Required work:
Return the count of lines in the following records that include "under", and nothing more.
═══ Material supplied ═══
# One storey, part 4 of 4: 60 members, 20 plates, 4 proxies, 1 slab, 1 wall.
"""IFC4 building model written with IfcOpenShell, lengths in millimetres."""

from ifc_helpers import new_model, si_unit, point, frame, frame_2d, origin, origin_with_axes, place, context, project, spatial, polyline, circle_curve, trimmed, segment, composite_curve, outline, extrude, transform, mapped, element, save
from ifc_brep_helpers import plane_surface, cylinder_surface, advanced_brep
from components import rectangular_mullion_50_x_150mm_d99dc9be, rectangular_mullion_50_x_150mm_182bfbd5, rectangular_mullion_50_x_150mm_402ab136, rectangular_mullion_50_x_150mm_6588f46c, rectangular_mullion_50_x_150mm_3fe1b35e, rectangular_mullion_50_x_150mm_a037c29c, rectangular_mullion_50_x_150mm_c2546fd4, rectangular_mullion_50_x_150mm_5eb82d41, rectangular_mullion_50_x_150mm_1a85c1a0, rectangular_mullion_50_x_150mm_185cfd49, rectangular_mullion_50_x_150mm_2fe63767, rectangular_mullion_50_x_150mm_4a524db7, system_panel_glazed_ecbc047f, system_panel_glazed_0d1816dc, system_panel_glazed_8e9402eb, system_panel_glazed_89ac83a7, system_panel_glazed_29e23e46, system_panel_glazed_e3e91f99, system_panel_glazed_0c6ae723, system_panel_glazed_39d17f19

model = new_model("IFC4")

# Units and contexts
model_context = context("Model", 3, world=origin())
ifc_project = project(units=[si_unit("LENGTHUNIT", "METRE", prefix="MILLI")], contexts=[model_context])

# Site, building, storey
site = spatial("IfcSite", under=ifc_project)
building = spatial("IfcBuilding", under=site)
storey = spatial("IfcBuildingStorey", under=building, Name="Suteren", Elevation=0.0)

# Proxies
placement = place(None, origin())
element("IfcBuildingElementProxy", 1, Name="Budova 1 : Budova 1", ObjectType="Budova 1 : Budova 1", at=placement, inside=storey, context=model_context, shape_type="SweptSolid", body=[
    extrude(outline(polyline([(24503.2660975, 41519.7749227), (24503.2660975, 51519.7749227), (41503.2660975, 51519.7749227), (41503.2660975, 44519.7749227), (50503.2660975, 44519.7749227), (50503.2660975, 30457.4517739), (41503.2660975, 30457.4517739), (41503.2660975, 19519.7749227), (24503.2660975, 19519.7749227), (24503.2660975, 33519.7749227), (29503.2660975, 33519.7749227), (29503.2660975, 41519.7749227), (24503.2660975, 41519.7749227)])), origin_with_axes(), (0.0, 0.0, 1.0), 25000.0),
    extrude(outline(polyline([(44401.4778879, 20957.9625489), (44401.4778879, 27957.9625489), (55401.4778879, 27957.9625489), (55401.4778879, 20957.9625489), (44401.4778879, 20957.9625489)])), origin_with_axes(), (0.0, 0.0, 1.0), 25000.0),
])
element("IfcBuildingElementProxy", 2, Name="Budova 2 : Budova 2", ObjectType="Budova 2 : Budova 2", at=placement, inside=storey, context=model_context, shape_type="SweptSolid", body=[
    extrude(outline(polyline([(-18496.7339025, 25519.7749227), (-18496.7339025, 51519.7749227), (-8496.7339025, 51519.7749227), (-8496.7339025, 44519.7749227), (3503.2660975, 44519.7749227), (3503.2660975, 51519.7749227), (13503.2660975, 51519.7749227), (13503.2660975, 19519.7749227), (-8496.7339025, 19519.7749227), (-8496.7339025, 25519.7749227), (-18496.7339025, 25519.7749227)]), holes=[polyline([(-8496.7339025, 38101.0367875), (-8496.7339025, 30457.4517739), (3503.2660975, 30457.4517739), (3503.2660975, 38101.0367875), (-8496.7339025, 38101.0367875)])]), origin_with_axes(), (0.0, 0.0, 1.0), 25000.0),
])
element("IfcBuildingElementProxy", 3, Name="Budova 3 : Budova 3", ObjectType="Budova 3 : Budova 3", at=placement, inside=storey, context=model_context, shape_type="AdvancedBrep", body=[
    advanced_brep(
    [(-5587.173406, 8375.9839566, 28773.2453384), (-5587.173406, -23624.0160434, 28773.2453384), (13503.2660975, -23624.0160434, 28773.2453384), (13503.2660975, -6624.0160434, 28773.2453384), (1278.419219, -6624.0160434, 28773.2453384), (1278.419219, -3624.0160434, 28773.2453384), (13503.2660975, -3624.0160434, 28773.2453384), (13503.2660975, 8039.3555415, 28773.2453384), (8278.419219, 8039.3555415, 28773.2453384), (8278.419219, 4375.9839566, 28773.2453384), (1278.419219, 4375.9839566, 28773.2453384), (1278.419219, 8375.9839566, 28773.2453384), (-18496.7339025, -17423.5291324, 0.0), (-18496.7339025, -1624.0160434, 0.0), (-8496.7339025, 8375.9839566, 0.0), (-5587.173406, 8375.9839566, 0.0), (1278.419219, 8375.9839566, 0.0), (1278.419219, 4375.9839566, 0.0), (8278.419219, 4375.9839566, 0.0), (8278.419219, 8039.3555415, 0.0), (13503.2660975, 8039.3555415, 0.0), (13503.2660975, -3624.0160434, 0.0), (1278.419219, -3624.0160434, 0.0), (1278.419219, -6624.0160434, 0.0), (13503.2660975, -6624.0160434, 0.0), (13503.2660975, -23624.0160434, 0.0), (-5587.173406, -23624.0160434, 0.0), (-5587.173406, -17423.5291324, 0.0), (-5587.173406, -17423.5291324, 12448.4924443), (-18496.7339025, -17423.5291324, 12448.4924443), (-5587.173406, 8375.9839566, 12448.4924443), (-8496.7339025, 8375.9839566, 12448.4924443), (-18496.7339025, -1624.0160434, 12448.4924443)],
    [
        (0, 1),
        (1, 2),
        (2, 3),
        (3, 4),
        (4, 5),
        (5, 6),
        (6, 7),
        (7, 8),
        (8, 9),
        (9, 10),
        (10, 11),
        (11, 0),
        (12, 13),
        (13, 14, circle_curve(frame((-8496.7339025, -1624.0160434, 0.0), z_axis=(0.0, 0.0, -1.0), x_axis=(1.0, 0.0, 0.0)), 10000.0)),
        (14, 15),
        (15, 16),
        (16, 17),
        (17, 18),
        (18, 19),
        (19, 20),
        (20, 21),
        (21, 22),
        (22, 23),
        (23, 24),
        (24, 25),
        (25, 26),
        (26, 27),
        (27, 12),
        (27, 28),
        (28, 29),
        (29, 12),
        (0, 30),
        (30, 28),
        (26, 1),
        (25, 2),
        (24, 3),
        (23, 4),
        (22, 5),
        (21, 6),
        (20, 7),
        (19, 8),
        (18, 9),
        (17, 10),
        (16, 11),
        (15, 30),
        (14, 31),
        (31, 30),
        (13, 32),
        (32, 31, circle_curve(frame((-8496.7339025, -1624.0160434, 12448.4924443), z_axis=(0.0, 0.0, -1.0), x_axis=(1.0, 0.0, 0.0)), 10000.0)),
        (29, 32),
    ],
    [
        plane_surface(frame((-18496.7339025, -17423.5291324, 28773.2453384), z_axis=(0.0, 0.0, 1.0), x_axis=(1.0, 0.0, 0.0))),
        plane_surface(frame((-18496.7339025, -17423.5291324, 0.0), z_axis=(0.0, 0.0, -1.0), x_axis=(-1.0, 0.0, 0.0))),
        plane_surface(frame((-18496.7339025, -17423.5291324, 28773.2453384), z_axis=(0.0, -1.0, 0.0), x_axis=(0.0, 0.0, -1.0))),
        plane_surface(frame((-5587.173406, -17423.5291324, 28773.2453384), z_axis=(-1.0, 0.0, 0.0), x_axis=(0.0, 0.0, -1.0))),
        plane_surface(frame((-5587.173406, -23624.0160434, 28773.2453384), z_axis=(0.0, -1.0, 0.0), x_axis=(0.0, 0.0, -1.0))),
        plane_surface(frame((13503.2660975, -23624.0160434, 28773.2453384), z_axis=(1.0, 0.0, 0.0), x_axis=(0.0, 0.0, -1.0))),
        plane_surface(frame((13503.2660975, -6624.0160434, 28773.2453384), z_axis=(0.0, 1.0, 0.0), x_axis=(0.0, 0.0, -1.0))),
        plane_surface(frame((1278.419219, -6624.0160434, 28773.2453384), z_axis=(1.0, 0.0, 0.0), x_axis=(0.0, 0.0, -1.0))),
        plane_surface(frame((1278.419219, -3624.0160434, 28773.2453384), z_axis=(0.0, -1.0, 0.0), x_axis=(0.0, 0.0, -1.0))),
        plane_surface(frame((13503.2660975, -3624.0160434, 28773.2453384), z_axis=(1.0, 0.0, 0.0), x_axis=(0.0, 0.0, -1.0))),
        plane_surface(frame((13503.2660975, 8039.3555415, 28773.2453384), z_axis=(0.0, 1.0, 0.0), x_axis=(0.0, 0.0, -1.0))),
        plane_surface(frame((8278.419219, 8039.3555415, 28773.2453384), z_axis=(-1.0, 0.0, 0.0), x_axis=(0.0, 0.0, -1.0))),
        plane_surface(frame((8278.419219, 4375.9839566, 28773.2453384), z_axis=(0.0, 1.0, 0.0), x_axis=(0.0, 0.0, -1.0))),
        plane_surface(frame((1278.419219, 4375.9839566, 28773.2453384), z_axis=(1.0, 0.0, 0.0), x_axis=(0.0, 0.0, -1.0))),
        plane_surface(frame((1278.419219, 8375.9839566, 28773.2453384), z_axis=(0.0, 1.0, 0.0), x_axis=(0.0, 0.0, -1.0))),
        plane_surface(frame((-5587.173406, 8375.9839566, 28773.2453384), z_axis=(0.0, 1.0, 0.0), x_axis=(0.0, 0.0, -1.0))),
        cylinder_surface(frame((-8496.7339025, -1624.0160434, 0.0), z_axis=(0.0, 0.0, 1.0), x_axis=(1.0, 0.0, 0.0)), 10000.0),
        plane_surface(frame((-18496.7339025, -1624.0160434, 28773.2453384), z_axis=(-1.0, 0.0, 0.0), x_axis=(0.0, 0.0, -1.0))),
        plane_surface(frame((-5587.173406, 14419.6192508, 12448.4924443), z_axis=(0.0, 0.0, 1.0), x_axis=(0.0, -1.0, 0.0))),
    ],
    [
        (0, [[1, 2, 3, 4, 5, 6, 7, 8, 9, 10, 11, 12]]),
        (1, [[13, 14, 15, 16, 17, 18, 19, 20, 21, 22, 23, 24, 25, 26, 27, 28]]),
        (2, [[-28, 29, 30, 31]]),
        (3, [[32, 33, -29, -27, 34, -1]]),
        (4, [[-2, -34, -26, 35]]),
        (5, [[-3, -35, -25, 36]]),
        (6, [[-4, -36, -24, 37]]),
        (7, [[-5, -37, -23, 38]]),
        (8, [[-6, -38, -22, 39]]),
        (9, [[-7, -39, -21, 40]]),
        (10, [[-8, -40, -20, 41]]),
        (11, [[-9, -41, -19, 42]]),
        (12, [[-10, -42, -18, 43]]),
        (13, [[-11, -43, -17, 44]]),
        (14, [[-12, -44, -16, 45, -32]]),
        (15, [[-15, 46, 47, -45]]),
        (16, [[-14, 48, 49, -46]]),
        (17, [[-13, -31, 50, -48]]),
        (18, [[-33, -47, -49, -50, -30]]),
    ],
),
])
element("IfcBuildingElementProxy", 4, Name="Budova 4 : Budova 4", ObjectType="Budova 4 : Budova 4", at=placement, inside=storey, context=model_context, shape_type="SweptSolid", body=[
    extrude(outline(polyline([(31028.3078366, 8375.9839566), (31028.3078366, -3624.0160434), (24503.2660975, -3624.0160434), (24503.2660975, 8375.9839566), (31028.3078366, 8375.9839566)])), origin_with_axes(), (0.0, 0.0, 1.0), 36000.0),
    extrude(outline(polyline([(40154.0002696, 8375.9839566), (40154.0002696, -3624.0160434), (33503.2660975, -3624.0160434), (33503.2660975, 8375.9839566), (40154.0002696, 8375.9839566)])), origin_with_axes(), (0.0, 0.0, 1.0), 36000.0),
═══
Answer section:
3